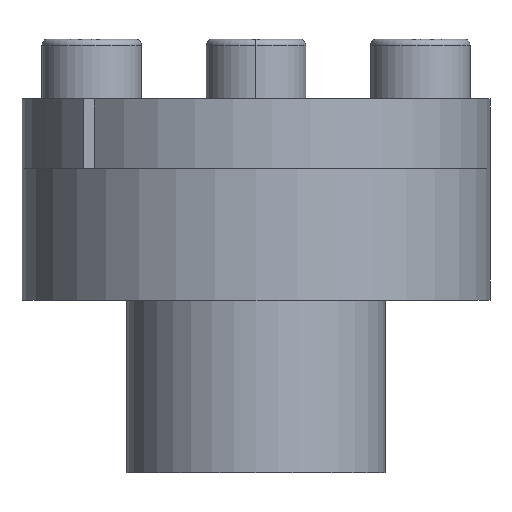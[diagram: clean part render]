
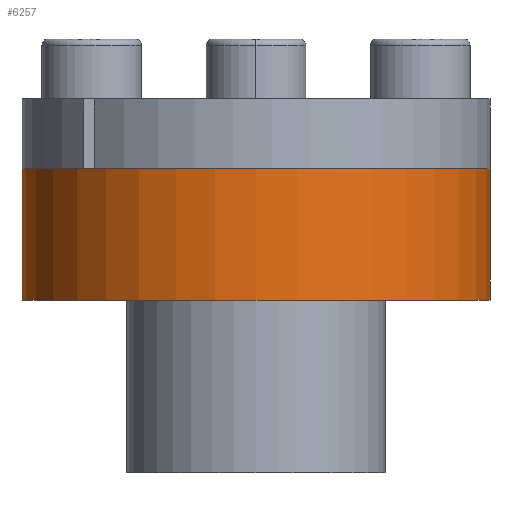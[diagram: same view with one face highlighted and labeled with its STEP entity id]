
A CAD part, front view. The second image highlights one B-rep face of the part: STEP entity #6257.
In plain terms, the highlighted cylindrical face has radius 23.5 mm (diameter 47 mm), a partial arc.
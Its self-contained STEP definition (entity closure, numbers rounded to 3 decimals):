
#36 = ORIENTED_EDGE ( 'NONE', *, *, #5739, .F. ) ;
#139 = FACE_OUTER_BOUND ( 'NONE', #3530, .T. ) ;
#154 = VECTOR ( 'NONE', #2641, 1000. ) ;
#408 = CARTESIAN_POINT ( 'NONE',  ( 23.5, 0., 4.549 ) ) ;
#653 = AXIS2_PLACEMENT_3D ( 'NONE', #4633, #955, #5244 ) ;
#783 = ORIENTED_EDGE ( 'NONE', *, *, #7330, .F. ) ;
#809 = CARTESIAN_POINT ( 'NONE',  ( 0., 0., -8.651 ) ) ;
#955 = DIRECTION ( 'NONE',  ( 0., 0., 1. ) ) ;
#1445 = DIRECTION ( 'NONE',  ( 1., 0., 0. ) ) ;
#2101 = LINE ( 'NONE', #3250, #6775 ) ;
#2246 = ORIENTED_EDGE ( 'NONE', *, *, #7095, .T. ) ;
#2641 = DIRECTION ( 'NONE',  ( 0., 0., -1. ) ) ;
#3154 = CARTESIAN_POINT ( 'NONE',  ( 0., 0., 4.549 ) ) ;
#3250 = CARTESIAN_POINT ( 'NONE',  ( -23.5, 0., 4.549 ) ) ;
#3304 = CARTESIAN_POINT ( 'NONE',  ( 23.5, 0., 4.549 ) ) ;
#3516 = AXIS2_PLACEMENT_3D ( 'NONE', #809, #5094, #1445 ) ;
#3530 = EDGE_LOOP ( 'NONE', ( #36, #783, #2246, #7793 ) ) ;
#3782 = CIRCLE ( 'NONE', #3516, 23.5 ) ;
#3966 = CARTESIAN_POINT ( 'NONE',  ( -23.5, 0., -8.651 ) ) ;
#4067 = CARTESIAN_POINT ( 'NONE',  ( 23.5, 0., -8.651 ) ) ;
#4210 = LINE ( 'NONE', #3304, #154 ) ;
#4375 = DIRECTION ( 'NONE',  ( 0., 0., -1. ) ) ;
#4633 = CARTESIAN_POINT ( 'NONE',  ( 0., 0., 4.549 ) ) ;
#5094 = DIRECTION ( 'NONE',  ( 0., 0., 1. ) ) ;
#5244 = DIRECTION ( 'NONE',  ( 1., 0., 0. ) ) ;
#5329 = VERTEX_POINT ( 'NONE', #6906 ) ;
#5616 = CIRCLE ( 'NONE', #653, 23.5 ) ;
#5739 = EDGE_CURVE ( 'NONE', #6505, #6469, #4210, .T. ) ;
#6084 = CYLINDRICAL_SURFACE ( 'NONE', #6536, 23.5 ) ;
#6257 = ADVANCED_FACE ( 'NONE', ( #139 ), #6084, .T. ) ;
#6273 = DIRECTION ( 'NONE',  ( 0., 0., -1. ) ) ;
#6469 = VERTEX_POINT ( 'NONE', #4067 ) ;
#6505 = VERTEX_POINT ( 'NONE', #408 ) ;
#6536 = AXIS2_PLACEMENT_3D ( 'NONE', #3154, #4375, #6830 ) ;
#6775 = VECTOR ( 'NONE', #6273, 1000. ) ;
#6830 = DIRECTION ( 'NONE',  ( -1., 0., 0. ) ) ;
#6906 = CARTESIAN_POINT ( 'NONE',  ( -23.5, 0., 4.549 ) ) ;
#7095 = EDGE_CURVE ( 'NONE', #5329, #7249, #2101, .T. ) ;
#7249 = VERTEX_POINT ( 'NONE', #3966 ) ;
#7330 = EDGE_CURVE ( 'NONE', #5329, #6505, #5616, .T. ) ;
#7577 = EDGE_CURVE ( 'NONE', #7249, #6469, #3782, .T. ) ;
#7793 = ORIENTED_EDGE ( 'NONE', *, *, #7577, .T. ) ;

_ _ _

▶ **Work to be completed**
Take the material above from its first line through the line that has "#154 = VECTOR ( 'NONE', #2641, 1000. ) ;" and copy it exactly, without any pictures.

▶ **Result of this task**
[diagram: clean part render]
[diagram: same view with one face highlighted and labeled with its STEP entity id]
A CAD part, front view. The second image highlights one B-rep face of the part: STEP entity #6257.
In plain terms, the highlighted cylindrical face has radius 23.5 mm (diameter 47 mm), a partial arc.
Its self-contained STEP definition (entity closure, numbers rounded to 3 decimals):
#36 = ORIENTED_EDGE ( 'NONE', *, *, #5739, .F. ) ;
#139 = FACE_OUTER_BOUND ( 'NONE', #3530, .T. ) ;
#154 = VECTOR ( 'NONE', #2641, 1000. ) ;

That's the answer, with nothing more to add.